Can I use a GLP-1 just to lose 10–15 vanity pounds?
It’s a fair question — the drugs work, so why not use them lightly? The honest answer has four parts: 1. The risk-benefit math is calibrated to obesity. Every medication decision trades risks against benefits. At BMI 35 with hypertension, GLP-1 risks (rare pancreatitis, gallbladder events, GI misery) are dwarfed by the benefits — SELECT even showed fewer heart attacks. At BMI 23 chasing a beach deadline, the same risks remain while the documented benefits mostly evaporate. No trial has ever studied this population, so even the efficacy you’re assuming is extrapolation. 2. The biology punishes the plan. GLP-1 weight loss reverses on stopping — about two-thirds of lost weight returns within a year (the regain data). A 12-week vanity course buys a temporary result at the cost of muscle you won’t fully rebuild and rebound appetite. At healthy weights, the loss also skews leaner — you shed proportionally more muscle than someone with substantial fat stores. 3. The eating-disorder adjacency is real. “A healthy-weight person seeking pharmaceutical appetite suppression” overlaps uncomfortably with disordered-eating presentations, which is why legitimate programs screen for ED history and refuse cosmetic-only requests, and why BMI 18.5 functions as an absolute floor everywhere reputable. 4. What the gray area actually is.

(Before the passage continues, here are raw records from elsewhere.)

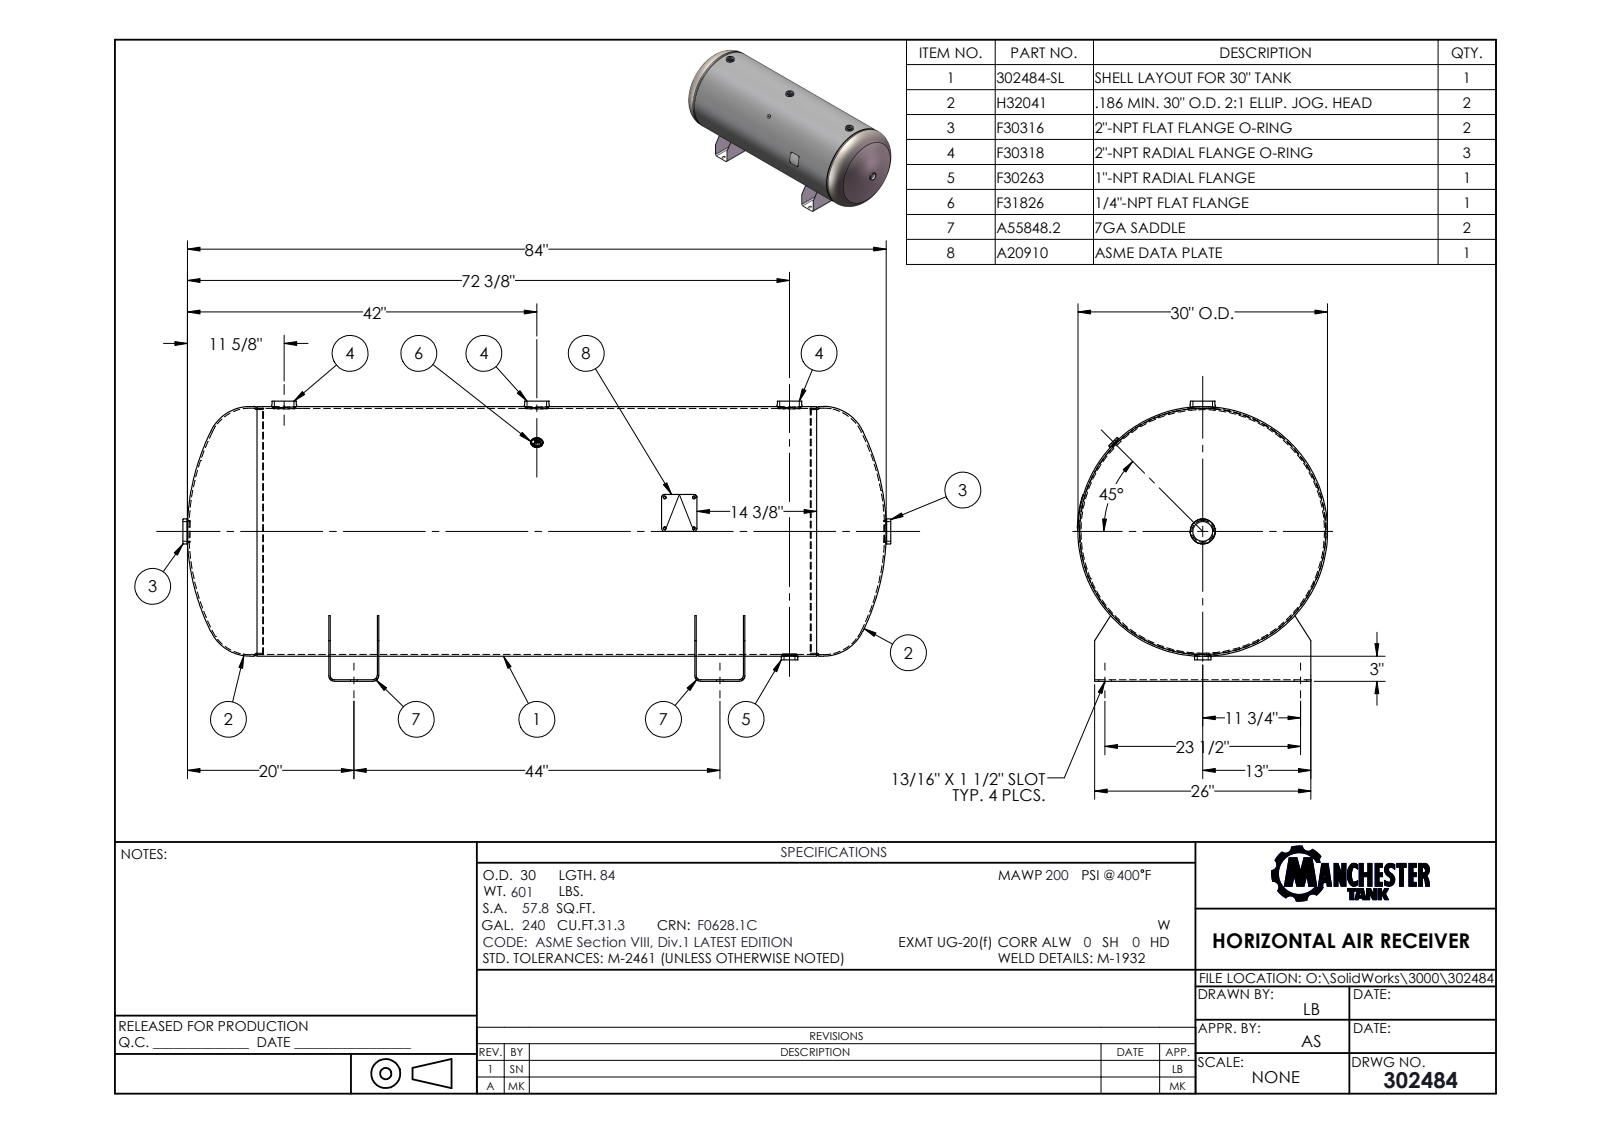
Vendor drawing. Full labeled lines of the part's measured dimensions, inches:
Part name (STEP PRODUCT): 302484
STEP written by: SolidWorks 2011 (CONFIG_CONTROL_DESIGN)
Units: inches
Bodies: 0 solids, 209 faces (64 planar, 81 cylindrical, 64 other)
Overall size (bounding box): 85.25 × 33.873 × 30
Round holes (diameter × count): ⌀2.375 ×4, ⌀0.54 ×1, ⌀1 ×1, ⌀1.315 ×1, ⌀29.546 ×1
Round bosses / shafts (diameter × count): ⌀3.625 ×2, ⌀30 ×1, ⌀29.63 ×1, ⌀3.625 ×1, ⌀3.5 ×1, ⌀2.875 ×1, ⌀1.5 ×1
Partial cylindrical surfaces — rounded edges, fillets, slot ends (radius × count): R0.406 ×8, R0.094 ×4, R0.281 ×4, R0.5 ×4, R15.06 ×1
Main face-to-face distances: 44, 0.187, 5.813, 0.188, 38.187, 6, 44.187, 49.813, 5.625, 43.813
Hole centre spacings: 30.375, 60.75
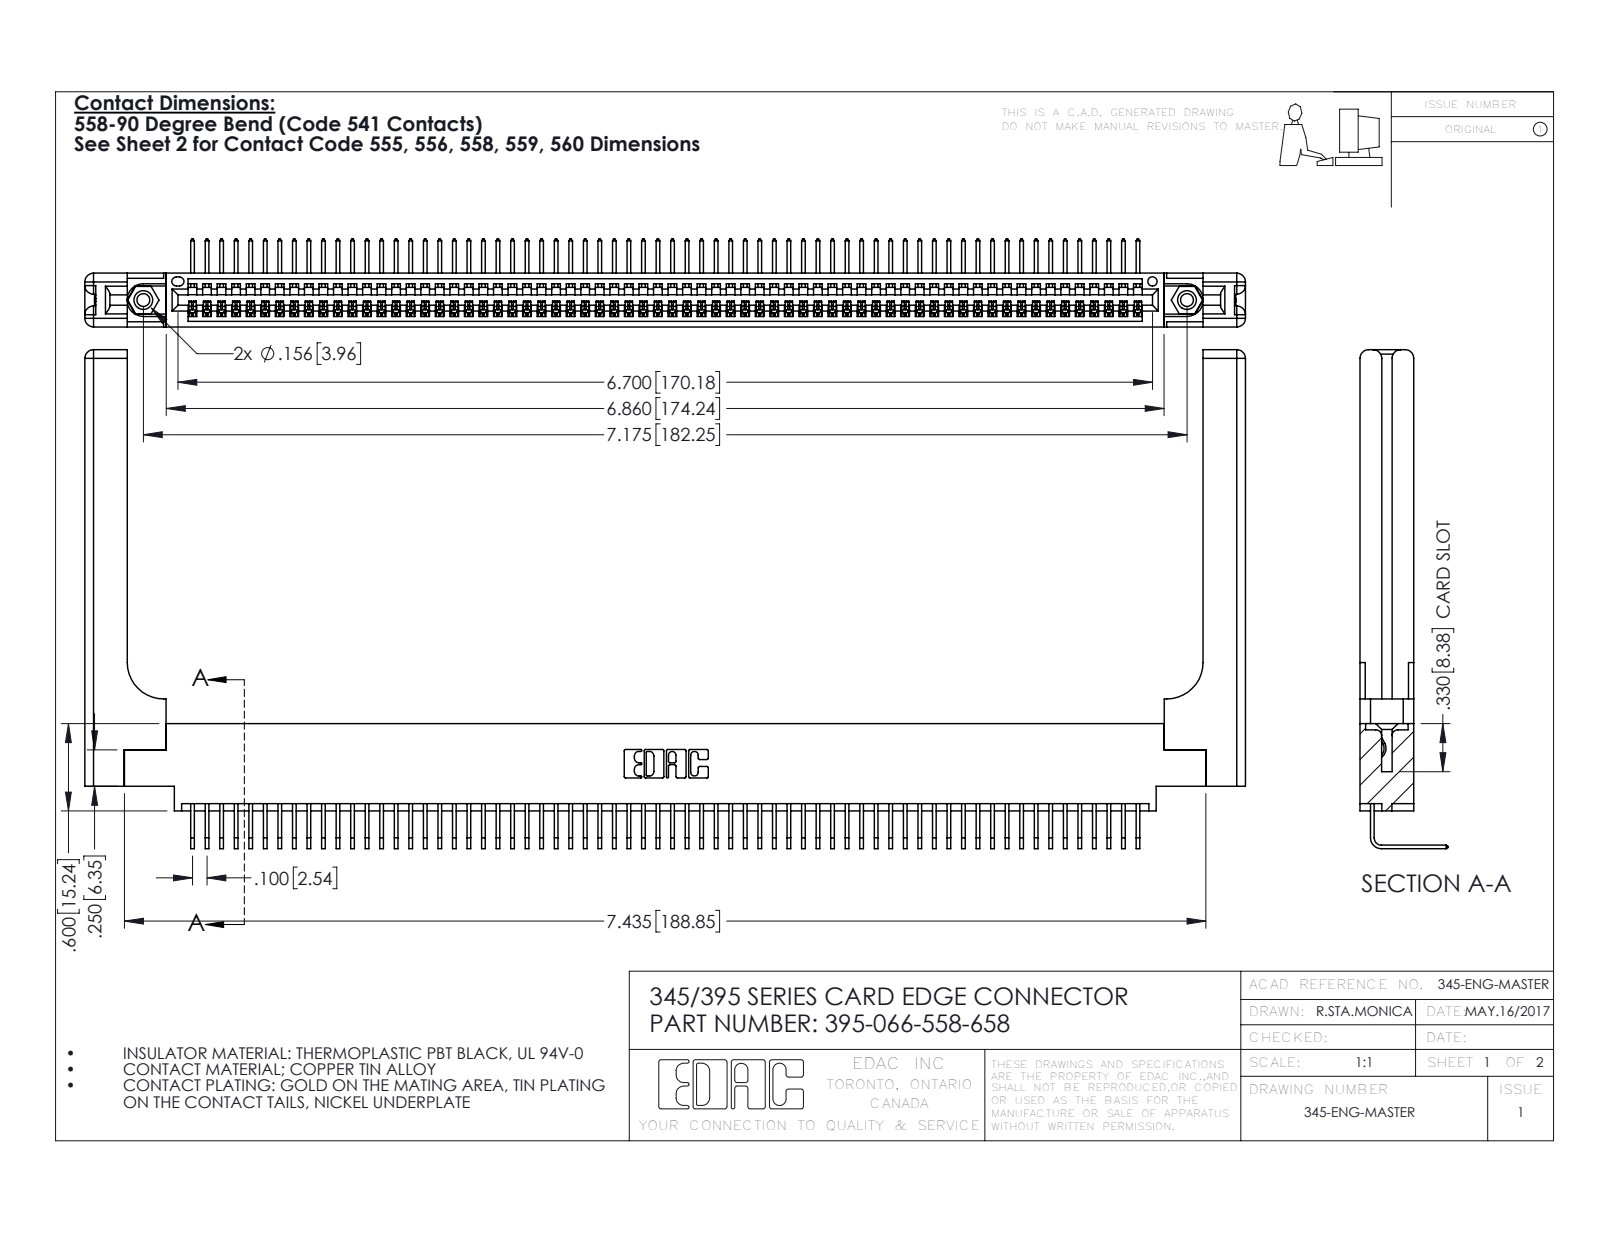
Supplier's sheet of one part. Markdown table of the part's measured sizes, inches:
| quantity | value |
| --- | --- |
| part name | 345-292-001_558 Tail - 2; 345-220-058_345-220-058; 345 Part_0.170 Offset - 0.156 Dia-TH; 395-066-558-658 (+1 more) |
| STEP written by | SolidWorks 2016 (CONFIG_CONTROL_DESIGN) |
| units | inches |
| bodies | 71 solids, 4346 faces (3004 planar, 1282 cylindrical, 60 other) |
| overall size | 7.979 × 3.429 × 0.605 |
| volume | 1.712 in³ |
| surface area | 51.2 in² |
| round holes (diameter × count) | 0.089 × 2, 0.125 × 2, 0.156 × 2, 0.064 × 1 |
| round bosses / shafts (diameter × count) | 0.155 × 2 |
| partial cylindrical surfaces (radius × count) | 0.006 × 132, 0.01 × 22, 0.06 × 16, 0.007 × 6, 0.031 × 6, 0.026 × 3, 0.03 × 2, 0.031 × 2 |
| main face-to-face distances | 0.072, 0.37, 0.298, 0.098, 0.272, 0.025, 0.2, 0.225, 0.148, 0.15 |
| hole center spacings | 0.27, 6.939, 7.175 |

If you’re at a healthy weight now after losing significant weight, relapse prevention is a legitimate, documented, low-dose lane — that’s not vanity, that’s maintenance of a medical result. The line is history and rationale, not the number on your wish list. For genuinely small cosmetic goals, the unsexy toolkit — protein, resistance training, a modest deficit, patience — remains both safer and more durable.
This is general information, not medical advice. GLP-1 medications are prescription drugs. Talk with a licensed clinician about your own health before starting, changing, or stopping treatment.